When it comes to the evolution of modern humans, researchers have discovered genetic contributions from both Neanderthals and Denisovans, two ancient groups of early humans.
While there has been much debate in terms of just how much of our modern human lineage is owed to Neanderthals and Denisovans, a new study using artificial intelligence has identified traces of a third unknown ancient human relative that interbred with Homo sapiens in the past.
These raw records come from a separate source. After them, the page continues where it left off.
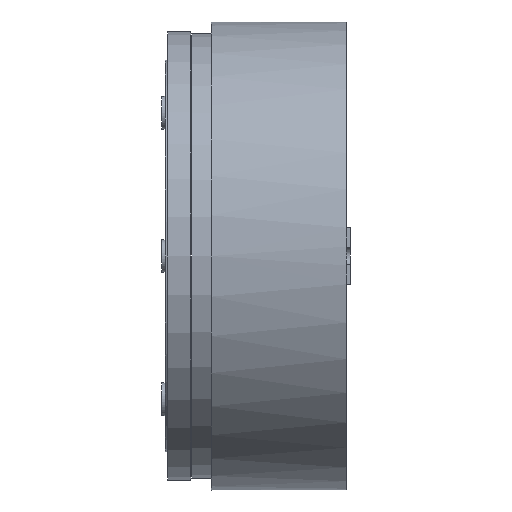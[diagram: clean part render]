
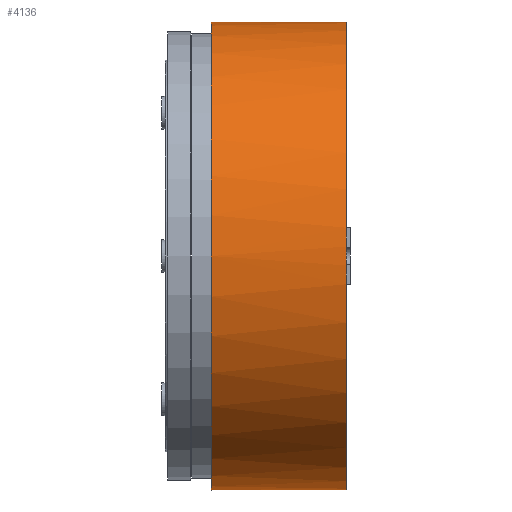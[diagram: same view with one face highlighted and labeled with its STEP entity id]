
A CAD part, front view. The second image highlights one B-rep face of the part: STEP entity #4136.
In plain terms, the highlighted cylindrical face has radius 53.75 mm (diameter 107.5 mm), a full revolution.
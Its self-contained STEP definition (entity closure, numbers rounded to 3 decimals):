
#110=CYLINDRICAL_SURFACE('',#4685,53.75);
#200=FACE_BOUND('',#1110,.T.);
#201=FACE_BOUND('',#1111,.T.);
#265=LINE('',#6201,#382);
#266=LINE('',#6205,#383);
#382=VECTOR('',#4816,1.);
#383=VECTOR('',#4819,1.);
#788=FACE_OUTER_BOUND('',#1109,.T.);
#1109=EDGE_LOOP('',(#3679,#3680));
#1110=EDGE_LOOP('',(#3681,#3682,#3683,#3684,#3685,#3686));
#1111=EDGE_LOOP('',(#3687));
#1515=CIRCLE('',#4675,53.75);
#1519=CIRCLE('',#4684,53.75);
#1520=CIRCLE('',#4686,53.75);
#1580=B_SPLINE_CURVE_WITH_KNOTS('',3,(#6208,#6209,#6210,#6211,#6212,#6213,
#6214,#6215,#6216,#6217,#6218,#6219,#6220,#6221,#6222,#6223,#6224,#6225),
 .UNSPECIFIED.,.F.,.F.,(4,2,2,2,2,2,2,2,4),(0.678,0.848,
1.018,1.187,1.357,1.526,1.696,
1.866,2.035),.UNSPECIFIED.);
#1581=B_SPLINE_CURVE_WITH_KNOTS('',3,(#6228,#6229,#6230,#6231,#6232,#6233,
#6234,#6235,#6236,#6237,#6238,#6239,#6240,#6241,#6242,#6243,#6244,#6245,
#6246),.UNSPECIFIED.,.F.,.F.,(4,2,2,2,3,2,2,2,4),(2.035,2.205,
2.374,2.544,2.714,2.883,3.053,
3.222,3.392),.UNSPECIFIED.);
#1694=VERTEX_POINT('',#6199);
#1695=VERTEX_POINT('',#6200);
#1696=VERTEX_POINT('',#6202);
#1697=VERTEX_POINT('',#6204);
#2011=VERTEX_POINT('',#9588);
#2014=VERTEX_POINT('',#9599);
#2017=VERTEX_POINT('',#9614);
#2083=EDGE_CURVE('',#1694,#1695,#265,.T.);
#2085=EDGE_CURVE('',#1696,#1697,#266,.T.);
#2087=EDGE_CURVE('',#1695,#1696,#1580,.T.);
#2089=EDGE_CURVE('',#1696,#1695,#1581,.T.);
#2587=EDGE_CURVE('',#2011,#2014,#1515,.T.);
#2591=EDGE_CURVE('',#2017,#2017,#1519,.T.);
#2592=EDGE_CURVE('',#2014,#2011,#1520,.T.);
#3679=ORIENTED_EDGE('',*,*,#2592,.F.);
#3680=ORIENTED_EDGE('',*,*,#2587,.F.);
#3681=ORIENTED_EDGE('',*,*,#2085,.T.);
#3682=ORIENTED_EDGE('',*,*,#2085,.F.);
#3683=ORIENTED_EDGE('',*,*,#2089,.T.);
#3684=ORIENTED_EDGE('',*,*,#2083,.F.);
#3685=ORIENTED_EDGE('',*,*,#2083,.T.);
#3686=ORIENTED_EDGE('',*,*,#2087,.T.);
#3687=ORIENTED_EDGE('',*,*,#2591,.T.);
#4136=ADVANCED_FACE('',(#788,#200,#201),#110,.T.);
#4675=AXIS2_PLACEMENT_3D('',#9603,#5879,#5880);
#4684=AXIS2_PLACEMENT_3D('',#9615,#5897,#5898);
#4685=AXIS2_PLACEMENT_3D('',#9616,#5899,#5900);
#4686=AXIS2_PLACEMENT_3D('',#9617,#5901,#5902);
#4816=DIRECTION('',(1.,0.,0.));
#4819=DIRECTION('',(1.,0.,0.));
#5879=DIRECTION('center_axis',(1.,0.,0.));
#5880=DIRECTION('ref_axis',(0.,1.,0.));
#5897=DIRECTION('center_axis',(1.,0.,0.));
#5898=DIRECTION('ref_axis',(0.,1.,0.));
#5899=DIRECTION('center_axis',(1.,0.,0.));
#5900=DIRECTION('ref_axis',(0.,1.,0.));
#5901=DIRECTION('center_axis',(1.,0.,0.));
#5902=DIRECTION('ref_axis',(0.,1.,0.));
#6199=CARTESIAN_POINT('',(3.,53.75,0.));
#6200=CARTESIAN_POINT('',(4.,53.75,0.));
#6201=CARTESIAN_POINT('',(0.,53.75,0.));
#6202=CARTESIAN_POINT('',(13.,53.75,0.));
#6204=CARTESIAN_POINT('',(14.,53.75,0.));
#6205=CARTESIAN_POINT('',(0.,53.75,0.));
#6208=CARTESIAN_POINT('Ctrl Pts',(4.,53.75,0.));
#6209=CARTESIAN_POINT('Ctrl Pts',(4.,53.75,-0.565));
#6210=CARTESIAN_POINT('Ctrl Pts',(4.113,53.74,-1.168));
#6211=CARTESIAN_POINT('Ctrl Pts',(4.572,53.705,-2.277));
#6212=CARTESIAN_POINT('Ctrl Pts',(4.919,53.679,-2.783));
#6213=CARTESIAN_POINT('Ctrl Pts',(5.717,53.632,-3.581));
#6214=CARTESIAN_POINT('Ctrl Pts',(6.223,53.607,-3.928));
#6215=CARTESIAN_POINT('Ctrl Pts',(7.332,53.571,-4.387));
#6216=CARTESIAN_POINT('Ctrl Pts',(7.935,53.561,-4.5));
#6217=CARTESIAN_POINT('Ctrl Pts',(9.065,53.561,-4.5));
#6218=CARTESIAN_POINT('Ctrl Pts',(9.668,53.571,-4.387));
#6219=CARTESIAN_POINT('Ctrl Pts',(10.777,53.607,-3.928));
#6220=CARTESIAN_POINT('Ctrl Pts',(11.283,53.632,-3.581));
#6221=CARTESIAN_POINT('Ctrl Pts',(12.081,53.679,-2.783));
#6222=CARTESIAN_POINT('Ctrl Pts',(12.428,53.705,-2.277));
#6223=CARTESIAN_POINT('Ctrl Pts',(12.887,53.74,-1.168));
#6224=CARTESIAN_POINT('Ctrl Pts',(13.,53.75,-0.565));
#6225=CARTESIAN_POINT('Ctrl Pts',(13.,53.75,0.));
#6228=CARTESIAN_POINT('Ctrl Pts',(13.,53.75,0.));
#6229=CARTESIAN_POINT('Ctrl Pts',(13.,53.75,0.565));
#6230=CARTESIAN_POINT('Ctrl Pts',(12.887,53.74,1.168));
#6231=CARTESIAN_POINT('Ctrl Pts',(12.428,53.705,2.277));
#6232=CARTESIAN_POINT('Ctrl Pts',(12.081,53.679,2.783));
#6233=CARTESIAN_POINT('Ctrl Pts',(11.283,53.632,3.581));
#6234=CARTESIAN_POINT('Ctrl Pts',(10.777,53.607,3.928));
#6235=CARTESIAN_POINT('Ctrl Pts',(9.668,53.571,4.387));
#6236=CARTESIAN_POINT('Ctrl Pts',(9.065,53.561,4.5));
#6237=CARTESIAN_POINT('Ctrl Pts',(8.5,53.561,4.5));
#6238=CARTESIAN_POINT('Ctrl Pts',(7.935,53.561,4.5));
#6239=CARTESIAN_POINT('Ctrl Pts',(7.332,53.571,4.387));
#6240=CARTESIAN_POINT('Ctrl Pts',(6.223,53.607,3.928));
#6241=CARTESIAN_POINT('Ctrl Pts',(5.717,53.632,3.581));
#6242=CARTESIAN_POINT('Ctrl Pts',(4.919,53.679,2.783));
#6243=CARTESIAN_POINT('Ctrl Pts',(4.572,53.705,2.277));
#6244=CARTESIAN_POINT('Ctrl Pts',(4.113,53.74,1.168));
#6245=CARTESIAN_POINT('Ctrl Pts',(4.,53.75,0.565));
#6246=CARTESIAN_POINT('Ctrl Pts',(4.,53.75,0.));
#9588=CARTESIAN_POINT('',(15.5,-53.356,6.5));
#9599=CARTESIAN_POINT('',(15.5,-53.356,-6.5));
#9603=CARTESIAN_POINT('Origin',(15.5,0.,0.));
#9614=CARTESIAN_POINT('',(-15.5,53.75,0.));
#9615=CARTESIAN_POINT('Origin',(-15.5,0.,0.));
#9616=CARTESIAN_POINT('Origin',(0.,0.,0.));
#9617=CARTESIAN_POINT('Origin',(15.5,0.,0.));

All humans on Earth can trace their evolutionary roots back to Africa when modern humans first migrated out of the region and spread across the globe hundreds of thousands of years ago.
Past studies have found evidence of several interbreeding events between modern humans and early human relatives like Neanderthals that migrated out of Africa to Eurasia much earlier.
These interbreeding events are called introgressions, and it’s been suggested that Neanderthals and Denisovans are only part of an incomplete puzzle.
Researchers from the Barcelona Institute of Science and Technology and Pompeu Fabra University in Spain in collaboration with the University of Tartu in Estonia used machine learning to tackle the human genome in hopes of creating a clearer picture of modern human evolution.
“So, we thought we’d try to find these places of high divergence in the genome, see which are Neanderthal and which are Denisovan, and then see whether these explain the whole picture,” Jaume Bertranpetit, a co-author of the study told Smithsonian. “As it happens, if you subtract the Neanderthal and Denisovan parts, there is still something in the genome that is highly divergent.”
The researchers used a series of algorithms to train artificial intelligence to analyze eight different models of early human evolution.
After analyzing the models, the deep learning computer confirmed the existence of a ghost population of an ancient human relative that likely interbred with Denisovans and Neanderthals.
The study shows the potential of artificial intelligence in combing through vast amounts of data, like the human genome, to identify anomalies and patterns never before realized.
The findings were published in the journal Nature Communications.